Chelsea School Superintendent Mary Bourque said she is concerned with legislating an increase in the dropout age “without thinking out the impact and how it should be done, and providing the safety nets to school districts that we will have to have to implement this. There has to be an increased funding stream for all the work that this entails.’’
In making his pitch in his Jan. 24 State of the Union address, Obama said that “when students don’t walk away from their education, more of them walk the stage to get their diploma. When students are not allowed to drop out, they do better.’’
Haverhill School Superintendent James Scully said he sees some merit in raising the dropout age in Massachusetts, “but in many of our high schools we don’t have the funding to address that segment of the population.

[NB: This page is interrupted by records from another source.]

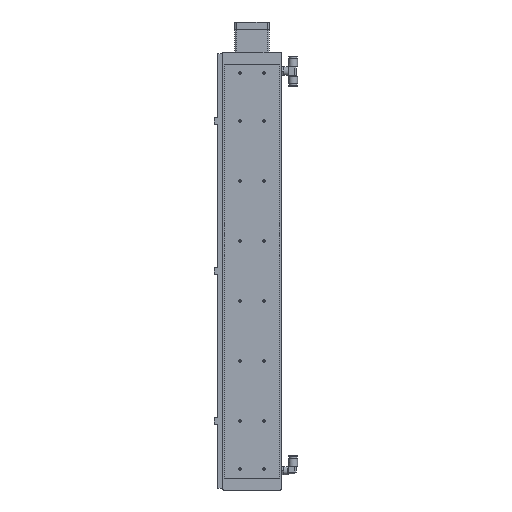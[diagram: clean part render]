
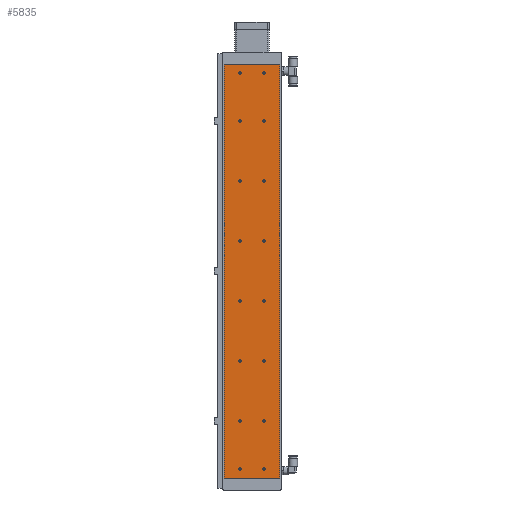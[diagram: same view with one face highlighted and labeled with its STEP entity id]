
A CAD part, front view. The second image highlights one B-rep face of the part: STEP entity #5835.
In plain terms, the highlighted planar face has unit normal (0, -1, 0).
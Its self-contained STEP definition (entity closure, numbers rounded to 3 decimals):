
#4419=CARTESIAN_POINT('',(-17.933,0.0,35.));
#4420=VERTEX_POINT('',#4419);
#4421=CARTESIAN_POINT('',(-20.,0.0,35.));
#4422=DIRECTION('',(0.0,1.0,0.0));
#4423=DIRECTION('',(1.0,0.0,0.0));
#4424=AXIS2_PLACEMENT_3D('',#4421,#4422,#4423);
#4425=CIRCLE('',#4424,2.067);
#4426=EDGE_CURVE('',#4420,#4420,#4425,.T.);
#4477=CARTESIAN_POINT('',(22.067,0.0,35.));
#4478=VERTEX_POINT('',#4477);
#4479=CARTESIAN_POINT('',(20.,0.0,35.));
#4480=DIRECTION('',(0.0,1.0,0.0));
#4481=DIRECTION('',(1.0,0.0,0.0));
#4482=AXIS2_PLACEMENT_3D('',#4479,#4480,#4481);
#4483=CIRCLE('',#4482,2.067);
#4484=EDGE_CURVE('',#4478,#4478,#4483,.T.);
#4535=CARTESIAN_POINT('',(22.067,0.0,695.0));
#4536=VERTEX_POINT('',#4535);
#4537=CARTESIAN_POINT('',(20.,0.0,695.0));
#4538=DIRECTION('',(0.0,1.0,0.0));
#4539=DIRECTION('',(1.0,0.0,0.0));
#4540=AXIS2_PLACEMENT_3D('',#4537,#4538,#4539);
#4541=CIRCLE('',#4540,2.067);
#4542=EDGE_CURVE('',#4536,#4536,#4541,.T.);
#4593=CARTESIAN_POINT('',(-17.933,0.0,695.0));
#4594=VERTEX_POINT('',#4593);
#4595=CARTESIAN_POINT('',(-20.,0.0,695.0));
#4596=DIRECTION('',(0.0,1.0,0.0));
#4597=DIRECTION('',(1.0,0.0,0.0));
#4598=AXIS2_PLACEMENT_3D('',#4595,#4596,#4597);
#4599=CIRCLE('',#4598,2.067);
#4600=EDGE_CURVE('',#4594,#4594,#4599,.T.);
#4651=CARTESIAN_POINT('',(22.067,0.0,115.));
#4652=VERTEX_POINT('',#4651);
#4653=CARTESIAN_POINT('',(20.,0.0,115.));
#4654=DIRECTION('',(0.0,1.0,0.0));
#4655=DIRECTION('',(1.0,0.0,0.0));
#4656=AXIS2_PLACEMENT_3D('',#4653,#4654,#4655);
#4657=CIRCLE('',#4656,2.067);
#4658=EDGE_CURVE('',#4652,#4652,#4657,.T.);
#4709=CARTESIAN_POINT('',(-17.933,0.0,115.));
#4710=VERTEX_POINT('',#4709);
#4711=CARTESIAN_POINT('',(-20.,0.0,115.));
#4712=DIRECTION('',(0.0,1.0,0.0));
#4713=DIRECTION('',(1.0,0.0,0.0));
#4714=AXIS2_PLACEMENT_3D('',#4711,#4712,#4713);
#4715=CIRCLE('',#4714,2.067);
#4716=EDGE_CURVE('',#4710,#4710,#4715,.T.);
#4767=CARTESIAN_POINT('',(22.067,0.0,615.0));
#4768=VERTEX_POINT('',#4767);
#4769=CARTESIAN_POINT('',(20.,0.0,615.0));
#4770=DIRECTION('',(0.0,1.0,0.0));
#4771=DIRECTION('',(1.0,0.0,0.0));
#4772=AXIS2_PLACEMENT_3D('',#4769,#4770,#4771);
#4773=CIRCLE('',#4772,2.067);
#4774=EDGE_CURVE('',#4768,#4768,#4773,.T.);
#4825=CARTESIAN_POINT('',(-17.933,0.0,615.0));
#4826=VERTEX_POINT('',#4825);
#4827=CARTESIAN_POINT('',(-20.,0.0,615.0));
#4828=DIRECTION('',(0.0,1.0,0.0));
#4829=DIRECTION('',(1.0,0.0,0.0));
#4830=AXIS2_PLACEMENT_3D('',#4827,#4828,#4829);
#4831=CIRCLE('',#4830,2.067);
#4832=EDGE_CURVE('',#4826,#4826,#4831,.T.);
#4883=CARTESIAN_POINT('',(-17.933,0.0,215.0));
#4884=VERTEX_POINT('',#4883);
#4885=CARTESIAN_POINT('',(-20.,0.0,215.0));
#4886=DIRECTION('',(0.0,1.0,0.0));
#4887=DIRECTION('',(1.0,0.0,0.0));
#4888=AXIS2_PLACEMENT_3D('',#4885,#4886,#4887);
#4889=CIRCLE('',#4888,2.067);
#4890=EDGE_CURVE('',#4884,#4884,#4889,.T.);
#4941=CARTESIAN_POINT('',(22.067,0.0,215.0));
#4942=VERTEX_POINT('',#4941);
#4943=CARTESIAN_POINT('',(20.,0.0,215.0));
#4944=DIRECTION('',(0.0,1.0,0.0));
#4945=DIRECTION('',(1.0,0.0,0.0));
#4946=AXIS2_PLACEMENT_3D('',#4943,#4944,#4945);
#4947=CIRCLE('',#4946,2.067);
#4948=EDGE_CURVE('',#4942,#4942,#4947,.T.);
#4999=CARTESIAN_POINT('',(-17.933,0.0,515.0));
#5000=VERTEX_POINT('',#4999);
#5001=CARTESIAN_POINT('',(-20.,0.0,515.0));
#5002=DIRECTION('',(0.0,1.0,0.0));
#5003=DIRECTION('',(1.0,0.0,0.0));
#5004=AXIS2_PLACEMENT_3D('',#5001,#5002,#5003);
#5005=CIRCLE('',#5004,2.067);
#5006=EDGE_CURVE('',#5000,#5000,#5005,.T.);
#5057=CARTESIAN_POINT('',(22.067,0.0,515.0));
#5058=VERTEX_POINT('',#5057);
#5059=CARTESIAN_POINT('',(20.,0.0,515.0));
#5060=DIRECTION('',(0.0,1.0,0.0));
#5061=DIRECTION('',(1.0,0.0,0.0));
#5062=AXIS2_PLACEMENT_3D('',#5059,#5060,#5061);
#5063=CIRCLE('',#5062,2.067);
#5064=EDGE_CURVE('',#5058,#5058,#5063,.T.);
#5115=CARTESIAN_POINT('',(-17.933,0.0,415.0));
#5116=VERTEX_POINT('',#5115);
#5117=CARTESIAN_POINT('',(-20.,0.0,415.0));
#5118=DIRECTION('',(0.0,1.0,0.0));
#5119=DIRECTION('',(1.0,0.0,0.0));
#5120=AXIS2_PLACEMENT_3D('',#5117,#5118,#5119);
#5121=CIRCLE('',#5120,2.067);
#5122=EDGE_CURVE('',#5116,#5116,#5121,.T.);
#5173=CARTESIAN_POINT('',(-17.933,0.0,315.0));
#5174=VERTEX_POINT('',#5173);
#5175=CARTESIAN_POINT('',(-20.0,0.0,315.0));
#5176=DIRECTION('',(0.0,1.0,0.0));
#5177=DIRECTION('',(1.0,0.0,0.0));
#5178=AXIS2_PLACEMENT_3D('',#5175,#5176,#5177);
#5179=CIRCLE('',#5178,2.067);
#5180=EDGE_CURVE('',#5174,#5174,#5179,.T.);
#5231=CARTESIAN_POINT('',(22.067,0.0,315.0));
#5232=VERTEX_POINT('',#5231);
#5233=CARTESIAN_POINT('',(20.,0.0,315.0));
#5234=DIRECTION('',(0.0,1.0,0.0));
#5235=DIRECTION('',(1.0,0.0,0.0));
#5236=AXIS2_PLACEMENT_3D('',#5233,#5234,#5235);
#5237=CIRCLE('',#5236,2.067);
#5238=EDGE_CURVE('',#5232,#5232,#5237,.T.);
#5289=CARTESIAN_POINT('',(22.067,0.0,415.0));
#5290=VERTEX_POINT('',#5289);
#5291=CARTESIAN_POINT('',(20.,0.0,415.0));
#5292=DIRECTION('',(0.0,1.0,0.0));
#5293=DIRECTION('',(1.0,0.0,0.0));
#5294=AXIS2_PLACEMENT_3D('',#5291,#5292,#5293);
#5295=CIRCLE('',#5294,2.067);
#5296=EDGE_CURVE('',#5290,#5290,#5295,.T.);
#5698=CARTESIAN_POINT('',(46.,0.0,20.));
#5699=VERTEX_POINT('',#5698);
#5706=CARTESIAN_POINT('',(-46.,0.0,20.));
#5707=VERTEX_POINT('',#5706);
#5708=CARTESIAN_POINT('',(-46.,0.0,20.));
#5709=DIRECTION('',(1.0,0.0,0.0));
#5710=VECTOR('',#5709,92.);
#5711=LINE('',#5708,#5710);
#5712=EDGE_CURVE('',#5707,#5699,#5711,.T.);
#5729=CARTESIAN_POINT('',(-46.,0.0,710.0));
#5730=VERTEX_POINT('',#5729);
#5737=CARTESIAN_POINT('',(46.,0.0,710.0));
#5738=VERTEX_POINT('',#5737);
#5739=CARTESIAN_POINT('',(46.,0.0,710.0));
#5740=DIRECTION('',(-1.0,0.0,0.0));
#5741=VECTOR('',#5740,92.);
#5742=LINE('',#5739,#5741);
#5743=EDGE_CURVE('',#5738,#5730,#5742,.T.);
#5760=CARTESIAN_POINT('',(-46.,0.0,20.));
#5761=DIRECTION('',(0.0,0.0,1.0));
#5762=VECTOR('',#5761,690.0);
#5763=LINE('',#5760,#5762);
#5764=EDGE_CURVE('',#5707,#5730,#5763,.T.);
#5771=CARTESIAN_POINT('',(46.,0.0,0.0));
#5772=DIRECTION('',(0.0,-1.0,0.0));
#5773=DIRECTION('',(0.0,0.0,-1.0));
#5774=AXIS2_PLACEMENT_3D('',#5771,#5772,#5773);
#5775=PLANE('',#5774);
#5776=ORIENTED_EDGE('',*,*,#5712,.T.);
#5777=CARTESIAN_POINT('',(46.,0.0,20.));
#5778=DIRECTION('',(0.0,0.0,1.0));
#5779=VECTOR('',#5778,690.0);
#5780=LINE('',#5777,#5779);
#5781=EDGE_CURVE('',#5699,#5738,#5780,.T.);
#5782=ORIENTED_EDGE('',*,*,#5781,.T.);
#5783=ORIENTED_EDGE('',*,*,#5743,.T.);
#5784=ORIENTED_EDGE('',*,*,#5764,.F.);
#5785=EDGE_LOOP('',(#5776,#5782,#5783,#5784));
#5786=FACE_OUTER_BOUND('',#5785,.T.);
#5787=ORIENTED_EDGE('',*,*,#4426,.T.);
#5788=EDGE_LOOP('',(#5787));
#5789=FACE_BOUND('',#5788,.T.);
#5790=ORIENTED_EDGE('',*,*,#4484,.T.);
#5791=EDGE_LOOP('',(#5790));
#5792=FACE_BOUND('',#5791,.T.);
#5793=ORIENTED_EDGE('',*,*,#4542,.T.);
#5794=EDGE_LOOP('',(#5793));
#5795=FACE_BOUND('',#5794,.T.);
#5796=ORIENTED_EDGE('',*,*,#4600,.T.);
#5797=EDGE_LOOP('',(#5796));
#5798=FACE_BOUND('',#5797,.T.);
#5799=ORIENTED_EDGE('',*,*,#4658,.T.);
#5800=EDGE_LOOP('',(#5799));
#5801=FACE_BOUND('',#5800,.T.);
#5802=ORIENTED_EDGE('',*,*,#4716,.T.);
#5803=EDGE_LOOP('',(#5802));
#5804=FACE_BOUND('',#5803,.T.);
#5805=ORIENTED_EDGE('',*,*,#4774,.T.);
#5806=EDGE_LOOP('',(#5805));
#5807=FACE_BOUND('',#5806,.T.);
#5808=ORIENTED_EDGE('',*,*,#4832,.T.);
#5809=EDGE_LOOP('',(#5808));
#5810=FACE_BOUND('',#5809,.T.);
#5811=ORIENTED_EDGE('',*,*,#4890,.T.);
#5812=EDGE_LOOP('',(#5811));
#5813=FACE_BOUND('',#5812,.T.);
#5814=ORIENTED_EDGE('',*,*,#4948,.T.);
#5815=EDGE_LOOP('',(#5814));
#5816=FACE_BOUND('',#5815,.T.);
#5817=ORIENTED_EDGE('',*,*,#5006,.T.);
#5818=EDGE_LOOP('',(#5817));
#5819=FACE_BOUND('',#5818,.T.);
#5820=ORIENTED_EDGE('',*,*,#5064,.T.);
#5821=EDGE_LOOP('',(#5820));
#5822=FACE_BOUND('',#5821,.T.);
#5823=ORIENTED_EDGE('',*,*,#5122,.T.);
#5824=EDGE_LOOP('',(#5823));
#5825=FACE_BOUND('',#5824,.T.);
#5826=ORIENTED_EDGE('',*,*,#5180,.T.);
#5827=EDGE_LOOP('',(#5826));
#5828=FACE_BOUND('',#5827,.T.);
#5829=ORIENTED_EDGE('',*,*,#5238,.T.);
#5830=EDGE_LOOP('',(#5829));
#5831=FACE_BOUND('',#5830,.T.);
#5832=ORIENTED_EDGE('',*,*,#5296,.T.);
#5833=EDGE_LOOP('',(#5832));
#5834=FACE_BOUND('',#5833,.T.);
#5835=ADVANCED_FACE('',(#5786,#5789,#5792,#5795,#5798,#5801,#5804,#5807,#5810,#5813,#5816,#5819,#5822,#5825,#5828,#5831,#5834),#5775,.T.);

That needs to be attended to.’’
Scully said he believes his district could keep in school 50 percent of current dropouts with enough funding, and through initiatives such as a partnership it is now developing with Whittier Regional Vocational Technical High School to design programs for students who would not ordinarily qualify for enrollment in that school.
Currently, the dropout age is 18 in 21 states - including New Hampshire and Rhode Island - and 17 in 11 other states. Massachusetts is among 18 states where the age remains at 16, according to Education Week magazine.
In Massachusetts, three bills that would raise the state’s dropout age from 16 to 18 are before the Legislature’s education committee, as are two local measures that would raise the dropout age to 18 in Lawrence and Boston.
The education committee is drafting a comprehensive dropout prevention bill, and as part of it is considering setting the statewide dropout age at 18.
In 2010-11, the statewide dropout rate was 2.7 percent, which officials said was the lowest level in two decades. But the rates in some communities far exceeded the state figure. In Lawrence, for example, the district dropout rate was 8.6 percent, in Haverhill 6.9 percent, in Chelsea 5.8 percent, and in Everett 5 percent.